Exercise details
Output exactly the lines that run from the start of the records to the line with "#285 = DIRECTION", counting both ends, and skip the pictures.
▬▬▬▬▬▬▬▬▬▬
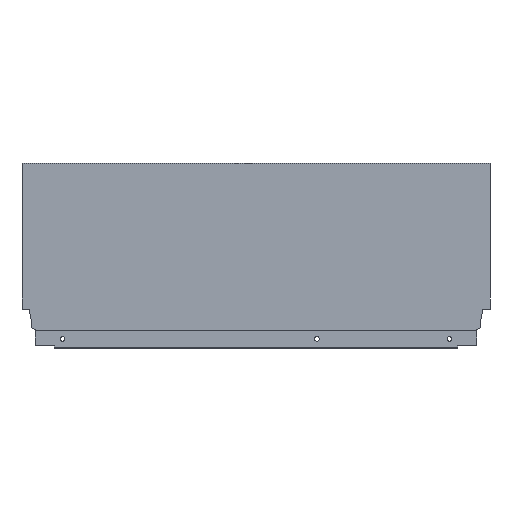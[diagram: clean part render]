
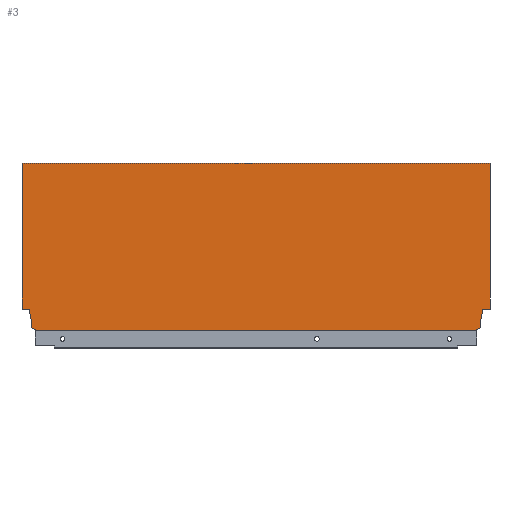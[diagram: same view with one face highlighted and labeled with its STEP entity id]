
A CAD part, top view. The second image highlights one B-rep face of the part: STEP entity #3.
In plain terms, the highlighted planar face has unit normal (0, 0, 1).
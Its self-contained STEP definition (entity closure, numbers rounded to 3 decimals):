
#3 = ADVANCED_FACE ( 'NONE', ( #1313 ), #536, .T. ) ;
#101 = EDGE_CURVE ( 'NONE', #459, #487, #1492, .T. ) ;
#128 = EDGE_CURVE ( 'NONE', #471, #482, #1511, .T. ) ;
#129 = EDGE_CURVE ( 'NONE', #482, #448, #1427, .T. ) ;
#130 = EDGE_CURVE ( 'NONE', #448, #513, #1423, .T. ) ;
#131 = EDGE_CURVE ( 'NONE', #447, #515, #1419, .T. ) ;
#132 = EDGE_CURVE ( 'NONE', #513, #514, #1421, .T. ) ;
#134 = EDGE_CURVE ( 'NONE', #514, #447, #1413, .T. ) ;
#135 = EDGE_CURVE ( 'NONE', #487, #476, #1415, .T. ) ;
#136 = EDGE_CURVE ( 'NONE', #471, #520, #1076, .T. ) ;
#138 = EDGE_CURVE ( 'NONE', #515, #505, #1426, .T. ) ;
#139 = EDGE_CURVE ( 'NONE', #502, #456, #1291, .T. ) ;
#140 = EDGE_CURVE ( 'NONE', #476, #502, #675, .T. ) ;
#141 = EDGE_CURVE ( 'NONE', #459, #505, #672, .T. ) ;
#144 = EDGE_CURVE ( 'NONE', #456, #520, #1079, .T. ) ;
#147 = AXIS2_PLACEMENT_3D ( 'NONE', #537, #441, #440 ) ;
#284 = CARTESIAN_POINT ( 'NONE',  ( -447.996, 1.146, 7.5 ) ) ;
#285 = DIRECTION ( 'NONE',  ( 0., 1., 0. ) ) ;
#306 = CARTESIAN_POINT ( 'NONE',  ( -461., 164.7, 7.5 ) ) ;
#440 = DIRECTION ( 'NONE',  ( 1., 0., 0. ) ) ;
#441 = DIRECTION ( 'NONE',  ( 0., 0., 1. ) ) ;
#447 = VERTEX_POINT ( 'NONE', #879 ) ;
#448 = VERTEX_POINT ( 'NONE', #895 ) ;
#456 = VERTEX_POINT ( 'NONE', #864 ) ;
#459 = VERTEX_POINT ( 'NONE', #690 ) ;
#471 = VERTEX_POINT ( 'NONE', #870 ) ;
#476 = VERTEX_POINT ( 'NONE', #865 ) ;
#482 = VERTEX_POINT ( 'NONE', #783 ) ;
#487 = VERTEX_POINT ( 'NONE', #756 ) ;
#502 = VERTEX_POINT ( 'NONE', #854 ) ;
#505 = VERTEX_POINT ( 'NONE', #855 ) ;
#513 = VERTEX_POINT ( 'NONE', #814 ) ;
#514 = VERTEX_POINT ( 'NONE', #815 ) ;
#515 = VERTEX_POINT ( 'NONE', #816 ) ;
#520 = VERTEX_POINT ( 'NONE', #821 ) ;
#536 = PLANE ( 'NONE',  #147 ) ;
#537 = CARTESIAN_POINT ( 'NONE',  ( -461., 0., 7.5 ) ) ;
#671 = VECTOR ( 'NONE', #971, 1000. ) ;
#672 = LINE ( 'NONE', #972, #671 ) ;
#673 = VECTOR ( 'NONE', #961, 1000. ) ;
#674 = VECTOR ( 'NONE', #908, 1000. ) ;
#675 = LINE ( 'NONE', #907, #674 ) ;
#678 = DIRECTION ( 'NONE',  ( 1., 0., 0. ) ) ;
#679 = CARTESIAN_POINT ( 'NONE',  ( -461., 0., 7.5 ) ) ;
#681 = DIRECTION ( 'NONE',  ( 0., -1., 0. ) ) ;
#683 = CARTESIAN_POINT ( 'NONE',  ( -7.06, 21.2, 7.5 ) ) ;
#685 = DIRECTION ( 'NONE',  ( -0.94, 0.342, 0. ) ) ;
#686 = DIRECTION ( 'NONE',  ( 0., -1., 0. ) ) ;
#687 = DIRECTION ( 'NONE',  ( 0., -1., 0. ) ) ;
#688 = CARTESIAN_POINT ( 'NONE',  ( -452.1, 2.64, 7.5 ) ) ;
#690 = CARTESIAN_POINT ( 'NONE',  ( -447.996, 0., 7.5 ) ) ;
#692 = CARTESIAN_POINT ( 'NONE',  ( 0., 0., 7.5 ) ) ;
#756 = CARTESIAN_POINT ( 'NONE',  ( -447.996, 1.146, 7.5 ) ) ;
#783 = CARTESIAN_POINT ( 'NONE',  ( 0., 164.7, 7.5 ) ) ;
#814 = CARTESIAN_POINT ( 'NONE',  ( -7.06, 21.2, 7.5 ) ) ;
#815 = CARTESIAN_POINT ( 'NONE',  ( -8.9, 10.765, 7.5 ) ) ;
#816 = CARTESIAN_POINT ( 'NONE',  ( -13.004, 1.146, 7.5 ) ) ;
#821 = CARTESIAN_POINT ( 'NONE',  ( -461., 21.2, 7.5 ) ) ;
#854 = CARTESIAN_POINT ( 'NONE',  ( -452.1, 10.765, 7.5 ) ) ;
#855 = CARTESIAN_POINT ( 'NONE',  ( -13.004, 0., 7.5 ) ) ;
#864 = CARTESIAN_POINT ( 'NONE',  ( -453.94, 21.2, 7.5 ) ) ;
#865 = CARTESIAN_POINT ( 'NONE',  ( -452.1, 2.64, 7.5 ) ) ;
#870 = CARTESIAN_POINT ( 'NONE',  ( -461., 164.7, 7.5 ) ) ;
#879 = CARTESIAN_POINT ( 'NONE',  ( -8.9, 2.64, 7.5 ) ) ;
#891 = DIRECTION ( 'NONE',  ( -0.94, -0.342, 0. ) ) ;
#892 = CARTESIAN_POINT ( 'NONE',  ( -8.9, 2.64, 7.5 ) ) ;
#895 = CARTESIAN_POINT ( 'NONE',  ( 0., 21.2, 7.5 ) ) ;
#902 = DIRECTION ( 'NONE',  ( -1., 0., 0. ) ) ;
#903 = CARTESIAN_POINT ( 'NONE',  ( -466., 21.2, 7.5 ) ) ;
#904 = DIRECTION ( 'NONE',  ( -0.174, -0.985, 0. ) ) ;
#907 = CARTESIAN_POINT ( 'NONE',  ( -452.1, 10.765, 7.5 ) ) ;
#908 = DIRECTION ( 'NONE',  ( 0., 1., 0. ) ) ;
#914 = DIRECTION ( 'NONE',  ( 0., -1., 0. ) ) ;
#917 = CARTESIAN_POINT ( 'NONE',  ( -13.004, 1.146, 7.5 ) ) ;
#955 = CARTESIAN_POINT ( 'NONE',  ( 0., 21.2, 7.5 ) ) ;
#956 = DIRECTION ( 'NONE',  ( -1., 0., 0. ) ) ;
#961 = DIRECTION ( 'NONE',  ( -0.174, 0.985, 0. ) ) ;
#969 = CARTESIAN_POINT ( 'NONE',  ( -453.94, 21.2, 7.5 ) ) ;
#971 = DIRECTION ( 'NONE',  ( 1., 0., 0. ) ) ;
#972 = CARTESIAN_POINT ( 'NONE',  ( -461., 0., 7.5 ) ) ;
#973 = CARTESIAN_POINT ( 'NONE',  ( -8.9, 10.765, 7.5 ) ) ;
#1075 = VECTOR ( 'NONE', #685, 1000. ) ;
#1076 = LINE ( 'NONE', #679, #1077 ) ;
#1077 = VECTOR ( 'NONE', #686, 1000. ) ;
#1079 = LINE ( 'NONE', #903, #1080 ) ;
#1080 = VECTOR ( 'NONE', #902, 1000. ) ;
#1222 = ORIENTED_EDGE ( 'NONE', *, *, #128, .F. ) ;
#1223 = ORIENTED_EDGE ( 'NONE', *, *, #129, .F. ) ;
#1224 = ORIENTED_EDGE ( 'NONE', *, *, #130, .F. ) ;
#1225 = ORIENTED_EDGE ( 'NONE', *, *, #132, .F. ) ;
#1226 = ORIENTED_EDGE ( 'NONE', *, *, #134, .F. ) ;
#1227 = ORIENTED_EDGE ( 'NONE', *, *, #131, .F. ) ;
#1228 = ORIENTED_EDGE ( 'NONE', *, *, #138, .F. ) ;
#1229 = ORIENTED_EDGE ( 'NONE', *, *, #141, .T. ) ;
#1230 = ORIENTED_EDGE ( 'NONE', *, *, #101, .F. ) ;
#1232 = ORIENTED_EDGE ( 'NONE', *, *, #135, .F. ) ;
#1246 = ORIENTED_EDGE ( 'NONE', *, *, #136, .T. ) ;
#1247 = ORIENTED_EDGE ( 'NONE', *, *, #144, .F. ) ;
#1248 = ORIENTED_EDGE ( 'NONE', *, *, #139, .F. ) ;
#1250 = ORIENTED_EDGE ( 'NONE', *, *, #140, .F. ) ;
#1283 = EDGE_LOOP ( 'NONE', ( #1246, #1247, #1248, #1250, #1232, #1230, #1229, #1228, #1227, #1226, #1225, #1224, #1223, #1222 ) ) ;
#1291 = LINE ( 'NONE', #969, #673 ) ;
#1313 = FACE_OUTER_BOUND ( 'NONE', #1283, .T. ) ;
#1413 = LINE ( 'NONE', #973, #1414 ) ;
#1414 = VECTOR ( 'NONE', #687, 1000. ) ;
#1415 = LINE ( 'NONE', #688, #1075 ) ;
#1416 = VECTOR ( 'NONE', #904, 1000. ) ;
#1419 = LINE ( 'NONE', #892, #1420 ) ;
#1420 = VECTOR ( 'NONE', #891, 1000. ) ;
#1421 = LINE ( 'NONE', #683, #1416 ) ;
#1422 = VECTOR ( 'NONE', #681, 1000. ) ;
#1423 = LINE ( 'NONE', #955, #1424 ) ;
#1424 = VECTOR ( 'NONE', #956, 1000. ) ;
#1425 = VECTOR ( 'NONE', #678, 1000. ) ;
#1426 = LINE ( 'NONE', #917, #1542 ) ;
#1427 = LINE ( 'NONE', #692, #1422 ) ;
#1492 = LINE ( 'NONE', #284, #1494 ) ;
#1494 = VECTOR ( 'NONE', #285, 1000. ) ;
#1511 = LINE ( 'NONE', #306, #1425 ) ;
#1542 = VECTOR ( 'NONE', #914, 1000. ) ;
▬▬▬▬▬▬▬▬▬▬
Exercise response
[diagram: clean part render]
[diagram: same view with one face highlighted and labeled with its STEP entity id]
A CAD part, top view. The second image highlights one B-rep face of the part: STEP entity #3.
In plain terms, the highlighted planar face has unit normal (0, 0, 1).
Its self-contained STEP definition (entity closure, numbers rounded to 3 decimals):
#3 = ADVANCED_FACE ( 'NONE', ( #1313 ), #536, .T. ) ;
#101 = EDGE_CURVE ( 'NONE', #459, #487, #1492, .T. ) ;
#128 = EDGE_CURVE ( 'NONE', #471, #482, #1511, .T. ) ;
#129 = EDGE_CURVE ( 'NONE', #482, #448, #1427, .T. ) ;
#130 = EDGE_CURVE ( 'NONE', #448, #513, #1423, .T. ) ;
#131 = EDGE_CURVE ( 'NONE', #447, #515, #1419, .T. ) ;
#132 = EDGE_CURVE ( 'NONE', #513, #514, #1421, .T. ) ;
#134 = EDGE_CURVE ( 'NONE', #514, #447, #1413, .T. ) ;
#135 = EDGE_CURVE ( 'NONE', #487, #476, #1415, .T. ) ;
#136 = EDGE_CURVE ( 'NONE', #471, #520, #1076, .T. ) ;
#138 = EDGE_CURVE ( 'NONE', #515, #505, #1426, .T. ) ;
#139 = EDGE_CURVE ( 'NONE', #502, #456, #1291, .T. ) ;
#140 = EDGE_CURVE ( 'NONE', #476, #502, #675, .T. ) ;
#141 = EDGE_CURVE ( 'NONE', #459, #505, #672, .T. ) ;
#144 = EDGE_CURVE ( 'NONE', #456, #520, #1079, .T. ) ;
#147 = AXIS2_PLACEMENT_3D ( 'NONE', #537, #441, #440 ) ;
#284 = CARTESIAN_POINT ( 'NONE',  ( -447.996, 1.146, 7.5 ) ) ;
#285 = DIRECTION ( 'NONE',  ( 0., 1., 0. ) ) ;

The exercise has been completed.